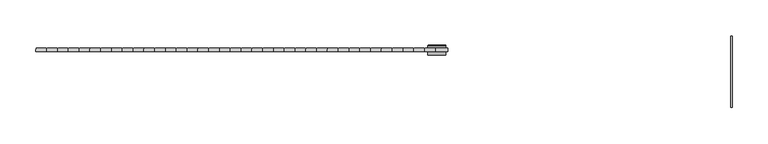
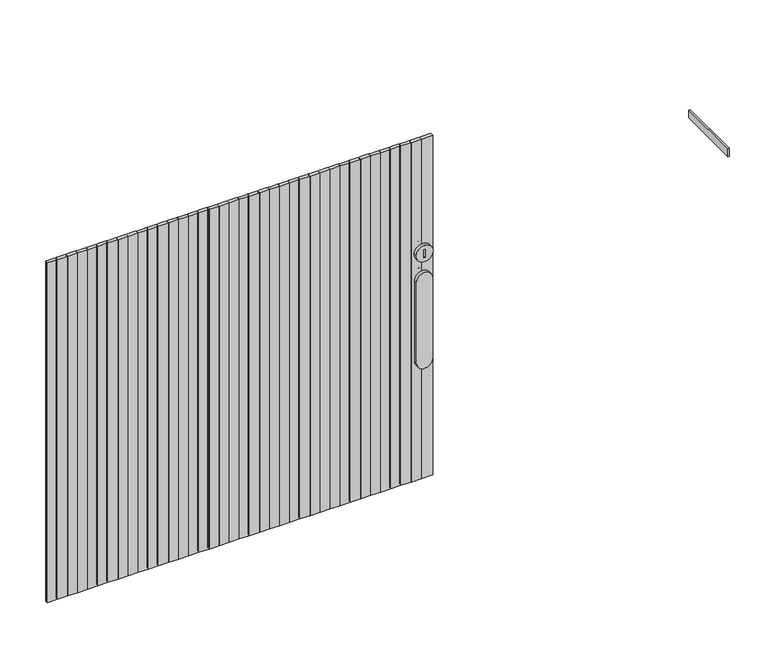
"""IFC4 building model written with IfcOpenShell, lengths in millimetres: furniture geometry, LH mobile caddy w.unpholstered seat+ sliding : LH mobile caddy w.unpholstered seat+ sliding."""

from ifc_helpers import new_model, si_unit, point, frame, frame_2d, origin, place, context, project, spatial, polyline, circle_curve, ellipse_curve, trimmed, segment, composite_curve, outline, extrude, source, transform, mapped, element, save
from ifc_brep_helpers import plane_surface, cylinder_surface, revolved_surface, advanced_brep


def furniture_b2eec27c(model_context):
    return source(origin(), model_context, "Body", "SolidModel", [
        advanced_brep(
        [(73.4473365, 237.0, 419.8528017), (96.5526635, 237.0, 419.8528017), (86.0273848, 237.0, 425.9208037), (84.0273848, 237.0, 425.9208037), (84.0273848, 237.0, 413.9208037), (86.0273848, 237.0, 413.9208037), (72.4473365, 223.0, 419.8528017), (97.5526635, 223.0, 419.8528017), (86.0273848, 223.0, 425.9208037), (86.0273848, 223.0, 413.9208037), (84.0273848, 223.0, 413.9208037), (84.0273848, 223.0, 425.9208037), (72.4473365, 236.0, 419.8528017), (97.5526635, 236.0, 419.8528017)],
        [
            (0, 1, circle_curve(frame((85.0, 237.0, 419.8528017), z_axis=(0.0, 1.0, 0.0), x_axis=(-1.0, 0.0, 0.0)), 11.5526635)),
            (1, 0, circle_curve(frame((85.0, 237.0, 419.8528017), z_axis=(0.0, 1.0, 0.0), x_axis=(1.0, 0.0, 0.0)), 11.5526635)),
            (2, 3),
            (3, 4),
            (4, 5),
            (5, 2),
            (6, 7, circle_curve(frame((85.0, 223.0, 419.8528017), z_axis=(0.0, -1.0, 0.0), x_axis=(1.0, 0.0, 0.0)), 12.5526635)),
            (7, 6, circle_curve(frame((85.0, 223.0, 419.8528017), z_axis=(0.0, -1.0, 0.0), x_axis=(1.0, 0.0, 0.0)), 12.5526635)),
            (8, 9),
            (9, 10),
            (10, 11),
            (11, 8),
            (6, 12),
            (12, 13, circle_curve(frame((85.0, 236.0, 419.8528017), z_axis=(0.0, -1.0, 0.0), x_axis=(1.0, 0.0, 0.0)), 12.5526635)),
            (13, 7),
            (13, 12, circle_curve(frame((85.0, 236.0, 419.8528017), z_axis=(0.0, -1.0, 0.0), x_axis=(1.0, 0.0, 0.0)), 12.5526635)),
            (5, 9),
            (8, 2),
            (4, 10),
            (3, 11),
            (1, 13, circle_curve(frame((96.5526635, 236.0, 419.8528017), z_axis=(0.0, 0.0, -1.0), x_axis=(1.0, 0.0, 0.0)), 1.0)),
            (12, 0, circle_curve(frame((73.4473365, 236.0, 419.8528017), z_axis=(0.0, 0.0, -1.0), x_axis=(-1.0, 0.0, 0.0)), 1.0)),
        ],
        [
            plane_surface(frame((97.5526635, 237.0, 419.8528017), z_axis=(0.0, 1.0, 0.0), x_axis=(0.0, 0.0, 1.0))),
            plane_surface(frame((97.5526635, 223.0, 419.8528017), z_axis=(0.0, -1.0, 0.0), x_axis=(0.0, 0.0, -1.0))),
            cylinder_surface(frame((85.0, 223.0, 419.8528017), z_axis=(0.0, 1.0, 0.0), x_axis=(1.0, 0.0, 0.0)), 12.5526635),
            plane_surface(frame((86.0273848, 237.0, 425.9208037), z_axis=(-1.0, 0.0, 0.0), x_axis=(0.0, -1.0, 0.0))),
            plane_surface(frame((86.0273848, 237.0, 413.9208037), z_axis=(0.0, 0.0, 1.0), x_axis=(0.0, -1.0, 0.0))),
            plane_surface(frame((84.0273848, 237.0, 413.9208037), z_axis=(1.0, 0.0, 0.0), x_axis=(0.0, -1.0, 0.0))),
            plane_surface(frame((84.0273848, 237.0, 425.9208037), z_axis=(0.0, 0.0, -1.0), x_axis=(0.0, -1.0, 0.0))),
            revolved_surface(trimmed(ellipse_curve(frame((96.5526635, 236.0, 419.8528017), z_axis=(0.0, 0.0, -1.0), x_axis=(1.0, 0.0, 0.0)), 1.0, 1.0), [point((96.5526635, 237.0, 419.8528017))], [point((97.5526635, 236.0, 419.8528017))], True, "CARTESIAN"), (85.0, 237.0, 419.8528017), (0.0, -1.0, 0.0)),
            revolved_surface(trimmed(ellipse_curve(frame((73.4473365, 236.0, 419.8528017), z_axis=(0.0, 0.0, 1.0), x_axis=(-1.0, 0.0, 0.0)), 1.0, 1.0), [point((73.4473365, 237.0, 419.8528017))], [point((72.4473365, 236.0, 419.8528017))], True, "CARTESIAN"), (85.0, 237.0, 419.8528017), (0.0, -1.0, 0.0)),
        ],
        [
            (0, [[1, 2], [3, 4, 5, 6]]),
            (1, [[7, 8], [9, 10, 11, 12]]),
            (2, [[13, 14, 15, -7]]),
            (2, [[-15, 16, -13, -8]]),
            (3, [[17, -9, 18, -6]]),
            (4, [[19, -10, -17, -5]]),
            (5, [[20, -11, -19, -4]]),
            (6, [[-18, -12, -20, -3]]),
            (7, [[-2, 21, -14, 22]]),
            (8, [[-16, -21, -1, -22]]),
        ],
    ),
        advanced_brep(
        [(96.0273848, 237.0, 251.804438), (74.0273848, 237.0, 251.804438), (74.0273848, 237.0, 377.9549918), (96.0273848, 237.0, 377.9549918), (76.0273848, 237.0, 251.9484186), (94.0273848, 237.0, 251.9484186), (94.0273848, 237.0, 377.9437952), (76.0273848, 237.0, 377.9437952), (73.0273848, 236.0, 251.804438), (97.0273848, 236.0, 251.804438), (97.0273848, 234.0, 251.804438), (73.0273848, 234.0, 251.804438), (97.0273848, 236.0, 377.9549918), (97.0273848, 234.0, 377.9549918), (97.0273848, 223.0, 377.9549918), (97.0273848, 223.0, 251.804438), (73.0273848, 236.0, 377.9549918), (73.0273848, 234.0, 377.9549918), (73.0273848, 223.0, 251.804438), (73.0273848, 223.0, 377.9549918), (77.0273848, 236.0, 377.9437952), (93.0273848, 236.0, 377.9437952), (93.0273848, 234.0, 377.9437952), (77.0273848, 234.0, 377.9437952), (93.0273848, 236.0, 251.9484186), (93.0273848, 234.0, 251.9484186), (77.0273848, 236.0, 251.9484186), (77.0273848, 234.0, 251.9484186)],
        [
            (0, 1, circle_curve(frame((85.0273848, 237.0, 251.804438), z_axis=(0.0, 1.0, 0.0), x_axis=(1.0, 0.0, 0.0)), 11.0)),
            (1, 2),
            (2, 3, circle_curve(frame((85.0273848, 237.0, 377.9549918), z_axis=(0.0, 1.0, 0.0), x_axis=(-1.0, 0.0, 0.0)), 11.0)),
            (3, 0),
            (4, 5, circle_curve(frame((85.0273848, 237.0, 251.9484186), z_axis=(0.0, -1.0, 0.0), x_axis=(-1.0, 0.0, 0.0)), 9.0)),
            (5, 6),
            (6, 7, circle_curve(frame((85.0273848, 237.0, 377.9437952), z_axis=(0.0, -1.0, 0.0), x_axis=(1.0, 0.0, 0.0)), 9.0)),
            (7, 4),
            (8, 9, circle_curve(frame((85.0273848, 236.0, 251.804438), z_axis=(0.0, -1.0, 0.0), x_axis=(1.0, 0.0, 0.0)), 12.0)),
            (9, 10),
            (10, 11, circle_curve(frame((85.0273848, 234.0, 251.804438), z_axis=(0.0, 1.0, 0.0), x_axis=(1.0, 0.0, 0.0)), 12.0)),
            (11, 8),
            (9, 12),
            (12, 13),
            (13, 14),
            (14, 15),
            (15, 10),
            (12, 16, circle_curve(frame((85.0273848, 236.0, 377.9549918), z_axis=(0.0, -1.0, 0.0), x_axis=(1.0, 0.0, 0.0)), 12.0)),
            (16, 17),
            (17, 13, circle_curve(frame((85.0273848, 234.0, 377.9549918), z_axis=(0.0, 1.0, 0.0), x_axis=(1.0, 0.0, 0.0)), 12.0)),
            (11, 18),
            (18, 19),
            (19, 17),
            (16, 8),
            (20, 21, circle_curve(frame((85.0273848, 236.0, 377.9437952), z_axis=(0.0, 1.0, 0.0), x_axis=(1.0, 0.0, 0.0)), 8.0)),
            (21, 22),
            (22, 23, circle_curve(frame((85.0273848, 234.0, 377.9437952), z_axis=(0.0, -1.0, 0.0), x_axis=(1.0, 0.0, 0.0)), 8.0)),
            (23, 20),
            (21, 24),
            (24, 25),
            (25, 22),
            (24, 26, circle_curve(frame((85.0273848, 236.0, 251.9484186), z_axis=(0.0, 1.0, 0.0), x_axis=(1.0, 0.0, 0.0)), 8.0)),
            (26, 27),
            (27, 25, circle_curve(frame((85.0273848, 234.0, 251.9484186), z_axis=(0.0, -1.0, 0.0), x_axis=(1.0, 0.0, 0.0)), 8.0)),
            (23, 27),
            (26, 20),
            (7, 20, circle_curve(frame((76.0273848, 236.0, 377.9437952), z_axis=(0.0, 0.0, -1.0), x_axis=(-1.0, 0.0, 0.0)), 1.0)),
            (26, 4, circle_curve(frame((76.0273848, 236.0, 251.9484186), z_axis=(0.0, 0.0, 1.0), x_axis=(-1.0, 0.0, 0.0)), 1.0)),
            (24, 5, circle_curve(frame((94.0273848, 236.0, 251.9484186), z_axis=(0.0, 0.0, -1.0), x_axis=(1.0, 0.0, 0.0)), 1.0)),
            (21, 6, circle_curve(frame((94.0273848, 236.0, 377.9437952), z_axis=(0.0, 0.0, -1.0), x_axis=(1.0, 0.0, 0.0)), 1.0)),
            (3, 12, circle_curve(frame((96.0273848, 236.0, 377.9549918), z_axis=(0.0, 0.0, -1.0), x_axis=(1.0, 0.0, 0.0)), 1.0)),
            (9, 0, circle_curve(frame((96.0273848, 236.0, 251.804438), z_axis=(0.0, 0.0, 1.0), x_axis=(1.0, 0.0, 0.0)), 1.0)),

##########

*PROBLEM*
Nothing but the lines from the start of the listing through the line with "from ifc_helpers import" belongs in the answer, each one retyped exactly and without pictures.

*SOLUTION FOR THIS EXERCISE*
"""IFC4 building model written with IfcOpenShell, lengths in millimetres: furniture geometry, LH mobile caddy w.unpholstered seat+ sliding : LH mobile caddy w.unpholstered seat+ sliding."""

from ifc_helpers import new_model, si_unit, point, frame, frame_2d, origin, place, context, project, spatial, polyline, circle_curve, ellipse_curve, trimmed, segment, composite_curve, outline, extrude, source, transform, mapped, element, save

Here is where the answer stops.